The most important thing in an argument, next to being right, is to leave an escape hatch for your opponent, so that he can gracefully swing over to your side without too much apparent loss of face.  — Sydney J. Harris, Field Newspaper Syndicate.

Any argument has two sides, and they’re usually married to each other. — source unknown


The old stage

Two men who lived in a small village got into a terrible dispute that they could not resolve. So they decided to talk to the town sage. The first man went to the sage’s home and told his version of what happened. When he finished, the sage said, “You’re absolutely right.” The next night, the second man called on the sage and told his side of the story. The sage responded, “You’re absolutely right.” Afterward, the sage’s wife scolded her husband. “Those men told you two different stories and you told them they were absolutely right. That’s impossible — they can’t both be absolutely right.” The sage turned to his wife and said, “You’re absolutely right.”


Two people and a fence

Once upon a time there were two people, each standing on opposite sides of a tall fence made of wood.
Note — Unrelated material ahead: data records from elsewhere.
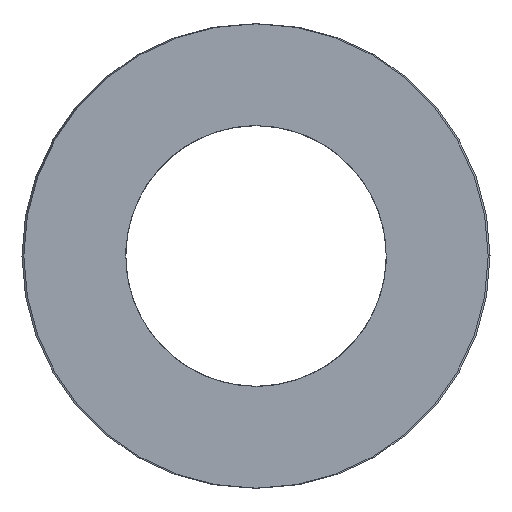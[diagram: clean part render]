
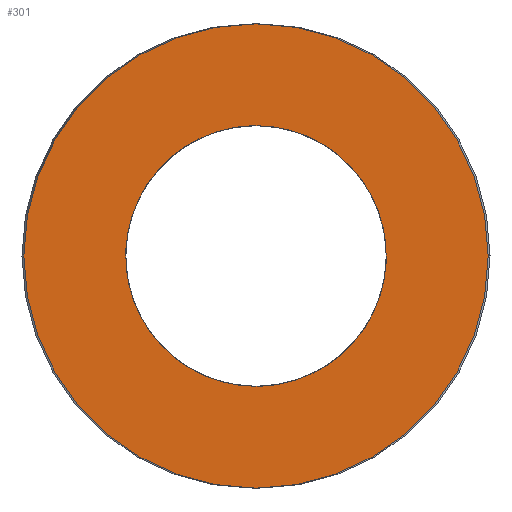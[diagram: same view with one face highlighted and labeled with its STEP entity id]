
A CAD part, left-side view. The second image highlights one B-rep face of the part: STEP entity #301.
In plain terms, the highlighted planar face has unit normal (-1, 0, 0).
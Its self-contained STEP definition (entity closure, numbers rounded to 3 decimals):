
#63=CARTESIAN_POINT('Vertex',(0.,15.5,0.)) ;
#77=CARTESIAN_POINT('Vertex',(0.,-15.5,0.)) ;
#80=CARTESIAN_POINT('Axis2P3D Location',(0.,0.,0.)) ;
#97=CARTESIAN_POINT('Axis2P3D Location',(0.,0.,0.)) ;
#232=CARTESIAN_POINT('Axis2P3D Location',(0.,7.75,0.)) ;
#242=CARTESIAN_POINT('Control Point',(0.,0.,-8.7)) ;
#243=CARTESIAN_POINT('Control Point',(0.,0.867,-8.7)) ;
#244=CARTESIAN_POINT('Control Point',(0.,1.734,-8.592)) ;
#245=CARTESIAN_POINT('Control Point',(0.,2.583,-8.376)) ;
#246=CARTESIAN_POINT('Control Point',(0.,4.209,-7.737)) ;
#247=CARTESIAN_POINT('Control Point',(0.,5.629,-6.719)) ;
#248=CARTESIAN_POINT('Control Point',(0.,6.272,-6.123)) ;
#249=CARTESIAN_POINT('Control Point',(0.,7.395,-4.785)) ;
#250=CARTESIAN_POINT('Control Point',(0.,8.156,-3.211)) ;
#251=CARTESIAN_POINT('Control Point',(0.,8.436,-2.381)) ;
#252=CARTESIAN_POINT('Control Point',(0.,8.783,-0.669)) ;
#253=CARTESIAN_POINT('Control Point',(0.,8.699,1.077)) ;
#254=CARTESIAN_POINT('Control Point',(0.,8.548,1.94)) ;
#255=CARTESIAN_POINT('Control Point',(0.,8.034,3.61)) ;
#256=CARTESIAN_POINT('Control Point',(0.,7.127,5.103)) ;
#257=CARTESIAN_POINT('Control Point',(0.,6.581,5.789)) ;
#258=CARTESIAN_POINT('Control Point',(0.,5.332,7.011)) ;
#259=CARTESIAN_POINT('Control Point',(0.,3.821,7.888)) ;
#260=CARTESIAN_POINT('Control Point',(0.,3.015,8.231)) ;
#261=CARTESIAN_POINT('Control Point',(0.,1.918,8.541)) ;
#262=CARTESIAN_POINT('Control Point',(0.,0.793,8.67)) ;
#263=CARTESIAN_POINT('Control Point',(0.,0.529,8.69)) ;
#264=CARTESIAN_POINT('Control Point',(0.,0.264,8.7)) ;
#265=CARTESIAN_POINT('Control Point',(0.,0.,8.7)) ;
#266=CARTESIAN_POINT('Vertex',(0.,0.,-8.7)) ;
#268=CARTESIAN_POINT('Vertex',(0.,0.,8.7)) ;
#272=CARTESIAN_POINT('Control Point',(0.,0.,8.7)) ;
#273=CARTESIAN_POINT('Control Point',(0.,-0.867,8.7)) ;
#274=CARTESIAN_POINT('Control Point',(0.,-1.734,8.592)) ;
#275=CARTESIAN_POINT('Control Point',(0.,-2.583,8.376)) ;
#276=CARTESIAN_POINT('Control Point',(0.,-4.209,7.737)) ;
#277=CARTESIAN_POINT('Control Point',(0.,-5.629,6.719)) ;
#278=CARTESIAN_POINT('Control Point',(0.,-6.272,6.123)) ;
#279=CARTESIAN_POINT('Control Point',(0.,-7.395,4.785)) ;
#280=CARTESIAN_POINT('Control Point',(0.,-8.156,3.211)) ;
#281=CARTESIAN_POINT('Control Point',(0.,-8.436,2.381)) ;
#282=CARTESIAN_POINT('Control Point',(0.,-8.783,0.669)) ;
#283=CARTESIAN_POINT('Control Point',(0.,-8.699,-1.077)) ;
#284=CARTESIAN_POINT('Control Point',(0.,-8.548,-1.94)) ;
#285=CARTESIAN_POINT('Control Point',(0.,-8.034,-3.61)) ;
#286=CARTESIAN_POINT('Control Point',(0.,-7.127,-5.103)) ;
#287=CARTESIAN_POINT('Control Point',(0.,-6.581,-5.789)) ;
#288=CARTESIAN_POINT('Control Point',(0.,-5.332,-7.011)) ;
#289=CARTESIAN_POINT('Control Point',(0.,-3.821,-7.888)) ;
#290=CARTESIAN_POINT('Control Point',(0.,-3.015,-8.231)) ;
#291=CARTESIAN_POINT('Control Point',(0.,-1.918,-8.541)) ;
#292=CARTESIAN_POINT('Control Point',(0.,-0.793,-8.67)) ;
#293=CARTESIAN_POINT('Control Point',(0.,-0.529,-8.69)) ;
#294=CARTESIAN_POINT('Control Point',(0.,-0.264,-8.7)) ;
#295=CARTESIAN_POINT('Control Point',(0.,0.,-8.7)) ;
#81=DIRECTION('Axis2P3D Direction',(1.,-0.,0.)) ;
#98=DIRECTION('Axis2P3D Direction',(1.,-0.,0.)) ;
#233=DIRECTION('Axis2P3D Direction',(-1.,0.,0.)) ;
#234=DIRECTION('Axis2P3D XDirection',(0.,1.,0.)) ;
#82=AXIS2_PLACEMENT_3D('Circle Axis2P3D',#80,#81,$) ;
#99=AXIS2_PLACEMENT_3D('Circle Axis2P3D',#97,#98,$) ;
#235=AXIS2_PLACEMENT_3D('Plane Axis2P3D',#232,#233,#234) ;
#238=ORIENTED_EDGE('',*,*,#84,.T.) ;
#239=ORIENTED_EDGE('',*,*,#101,.T.) ;
#298=ORIENTED_EDGE('',*,*,#270,.T.) ;
#299=ORIENTED_EDGE('',*,*,#296,.T.) ;
#300=FACE_BOUND('',#297,.T.) ;
#301=ADVANCED_FACE('392-B32-152',(#240,#300),#236,.T.) ;
#241=B_SPLINE_CURVE_WITH_KNOTS('',5,(#242,#243,#244,#245,#246,#247,#248,#249,#250,#251,#252,#253,#254,#255,#256,#257,#258,#259,#260,#261,#262,#263,#264,#265),.UNSPECIFIED.,.F.,.U.,(6,3,3,3,3,3,3,6),(0.,6.131,12.261,18.392,24.522,30.653,36.783,38.652),.UNSPECIFIED.) ;
#271=B_SPLINE_CURVE_WITH_KNOTS('',5,(#272,#273,#274,#275,#276,#277,#278,#279,#280,#281,#282,#283,#284,#285,#286,#287,#288,#289,#290,#291,#292,#293,#294,#295),.UNSPECIFIED.,.F.,.U.,(6,3,3,3,3,3,3,6),(0.,6.131,12.261,18.392,24.522,30.653,36.783,38.652),.UNSPECIFIED.) ;
#83=CIRCLE('generated circle',#82,15.5) ;
#100=CIRCLE('generated circle',#99,15.5) ;
#84=EDGE_CURVE('',#64,#78,#83,.F.) ;
#101=EDGE_CURVE('',#78,#64,#100,.F.) ;
#270=EDGE_CURVE('',#267,#269,#241,.T.) ;
#296=EDGE_CURVE('',#269,#267,#271,.T.) ;
#237=EDGE_LOOP('',(#238,#239)) ;
#297=EDGE_LOOP('',(#298,#299)) ;
#240=FACE_OUTER_BOUND('',#237,.T.) ;
#236=PLANE('Plane',#235) ;
#64=VERTEX_POINT('',#63) ;
#78=VERTEX_POINT('',#77) ;
#267=VERTEX_POINT('',#266) ;
#269=VERTEX_POINT('',#268) ;

They can’t see each other, nor really anything of what’s on the other side.

One decides he wants the fence down so he can what’s over there. So he begins to push the fence over.

Now on the opposite side, the other person thought that the fence offered at least a semblance of protection. When he sees the fence falling over on him, he starts to push back with all his might to save the fence from falling.

Now, who will win? Normally, one would expect that supposing both had equal strength, then the one with the most endurance or sheer will power would be the victor.

And if they are not? Wouldn’t the weaker ask for help from someone else on their side?

If a person helps, do they know what is going on? They may just be passing by and are helping so as the one doesn’t get hurt. No matter which way the fence falls, it is going to hurt someone and possibly crush whatever else they can not see.